Tuesday, January 13, 2009

What happen after no oil anymore?

I discovered something amazing recently and I tried to tell a bunch of friends about it. A guy in Illinois has, it seems, invented a device that can turn almost anything into oil, plus a few byproducts (all useful).

I, for example, could be transformed into 40 pounds of light sweet crude, 7 pounds of flammable gas, 8 pounds of high-quality mineral fertilizer, and 125 pounds of slightly cloudy water, give or take. Individual results may vary.

Inventor Paul Buskis is not planning to process people, of course. He's going after trash. His thermo-depolymerization process works on any carbon-based substance--chicken entrails, tires, plastic milk jugs, you name it. Garbage in, oil out--that's the promise.

My friends scoffed. "Sounds too good to be true," was their consensus. "It'll never work."

Ah, but it's already working. A company called Changing World Technologies has built a plant in Carthage, Missouri, based on Buskis's process. It's producing 400 barrels of oil a day right now, extruded from the wastes of nearby turkey processing plants. The company is building another plant in Philadelphia to process sewage into black gold.

My friends would have none of this. They assured me the invention will emit toxic pollution. (It doesn't.) It will use more energy than it produces. (Quite the opposite.) It's voodoo science: "How can oil be created?"

Well, it's been done before. The earth created oil by heating, cooling, and squeezing the rotted remains of plants and animals. Buskis replicates that process mechanically. What took millions of years in nature, his process achieves in a day.

Inconceivable? Not really. Even in nature, Buskis says, the transformation occurred rapidly. What took millions of years was for the right conditions to line up by chance.

A monkey banging on a typewriter might take millions of years to come up with a great sonnet. That doesn't make us doubt that Shakespeare could do it in a day. But if this thing is real, my friends countered, why aren't people stampeding to buy the stock?
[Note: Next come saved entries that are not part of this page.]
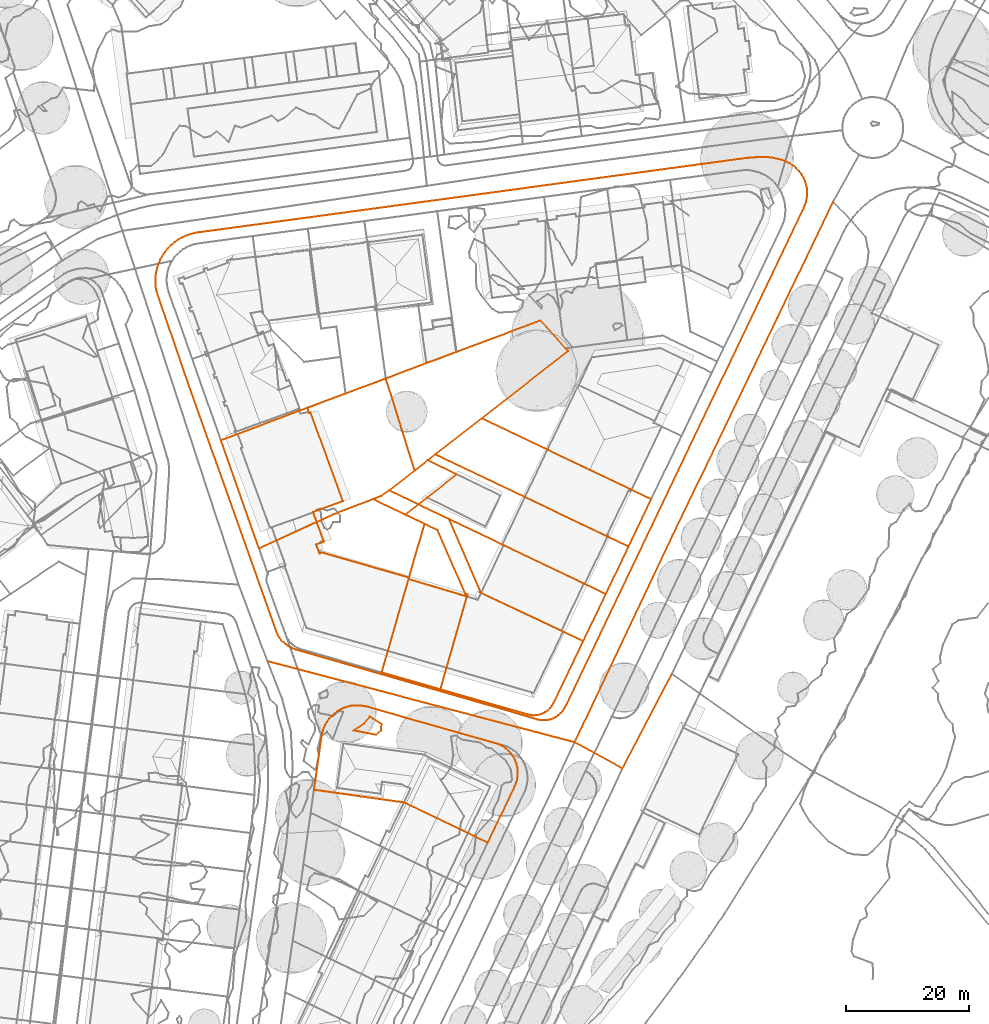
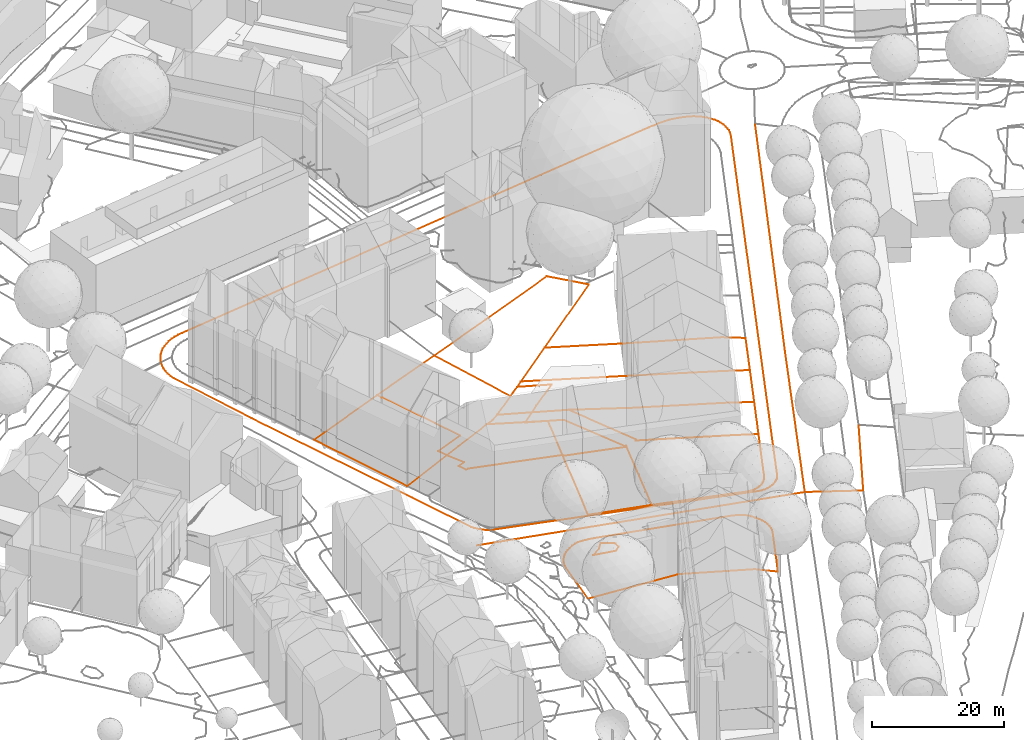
# Not in any storey, part 130 of 494: 14 proxies.
"""IFC2X3 model written with IfcOpenShell, lengths in metres."""

from ifc_helpers import new_model, entity, si_unit, frame, origin_with_axes, place, context, subcontext, project, element, save


model = new_model("IFC2X3")

# Units and contexts
model_context = context("Model", 3, precision=1e-05, world=origin_with_axes())
body_context = subcontext(model_context, "Body", "Model", "MODEL_VIEW")
ifc_project = project(units=[si_unit("AREAUNIT", "SQUARE_METRE"), si_unit("LENGTHUNIT", "METRE")], contexts=[model_context])

# Proxies
proxy_1_placement = place(None, frame((486.0007320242, 102.4397400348, 501.884), z_axis=(0.0, 0.0, 1.0), x_axis=(1.0, 0.0, 0.0)))
element("IfcBuildingElementProxy", 1, at=proxy_1_placement, Name="Road 95", ObjectType="NOTDEFINED", context=body_context, shape_type="GeometricCurveSet", body=[
    entity("IfcGeometricCurveSet", [entity("IfcPolyline", [entity("IfcCartesianPoint", [0.0, 0.0, 0.0]), entity("IfcCartesianPoint", [50.0730000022, -13.2149995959, 0.4])])]),
])
proxy_2_placement = place(None, frame((536.0737320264, 89.2247404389, 502.284), z_axis=(0.0, 0.0, 1.0), x_axis=(1.0, 0.0, 0.0)))
element("IfcBuildingElementProxy", 2, at=proxy_2_placement, Name="Road 116", ObjectType="NOTDEFINED", context=body_context, shape_type="GeometricCurveSet", body=[
    entity("IfcGeometricCurveSet", [entity("IfcPolyline", [entity("IfcCartesianPoint", [0.0, 0.0, 0.0]), entity("IfcCartesianPoint", [7.7829999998, -4.2589998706, 0.131])])]),
])
proxy_3_placement = place(None, frame((536.0737320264, 89.2247404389, 502.284), z_axis=(0.0, 0.0, 1.0), x_axis=(1.0, 0.0, 0.0)))
element("IfcBuildingElementProxy", 3, at=proxy_3_placement, Name="Road 178", ObjectType="NOTDEFINED", context=body_context, shape_type="GeometricCurveSet", body=[
    entity("IfcGeometricCurveSet", [entity("IfcPolyline", [entity("IfcCartesianPoint", [42.1679999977, 88.1909973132, 0.059]), entity("IfcCartesianPoint", [37.7239999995, 78.9209975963, 0.035]), entity("IfcCartesianPoint", [33.0399999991, 69.1619978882, -0.02]), entity("IfcCartesianPoint", [16.0069999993, 33.7739989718, 0.026]), entity("IfcCartesianPoint", [0.0, 0.0, 0.0])])]),
])
proxy_4_placement = place(None, frame((543.8567320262, 84.9657405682, 502.415), z_axis=(0.0, 0.0, 1.0), x_axis=(1.0, 0.0, 0.0)))
element("IfcBuildingElementProxy", 4, at=proxy_4_placement, Name="Road 179", ObjectType="NOTDEFINED", context=body_context, shape_type="GeometricCurveSet", body=[
    entity("IfcGeometricCurveSet", [entity("IfcPolyline", [entity("IfcCartesianPoint", [8.0769999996, 15.4189995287, 0.01]), entity("IfcCartesianPoint", [0.0, 0.0, 0.0])])]),
])
proxy_5_placement = place(None, frame((467.7097320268, 164.3667160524, 502.6209648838), z_axis=(0.0, 0.0, 1.0), x_axis=(1.0, 0.0, 0.0)))
element("IfcBuildingElementProxy", 5, at=proxy_5_placement, Name="Roads Outline 81", ObjectType="NOTDEFINED", context=body_context, shape_type="GeometricCurveSet", body=[
    entity("IfcGeometricCurveSet", [entity("IfcPolyline", [entity("IfcCartesianPoint", [0.1549999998, -1.4720000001, -0.0252239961]), entity("IfcCartesianPoint", [0.0430000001, -0.7390000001, -0.0238743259]), entity("IfcCartesianPoint", [0.0, 0.0, 0.0]), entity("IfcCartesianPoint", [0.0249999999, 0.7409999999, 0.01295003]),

Because there is no stock. This technology is closely held by a small group of private investors including James Woolsey, a former director of the CIA, and Howard Buffet, son of the legendary investing genius Warren Buffet.

Ah. Now the skepticism faded away.

"I knew it," one of my friends uttered bitterly.

"And it's still oil," another scolded. "Burning it still creates pollution...."
Everyone leaned back, relieved. They had no trouble believing my news as long as it wasn't that thing with feathers. You know. Hope.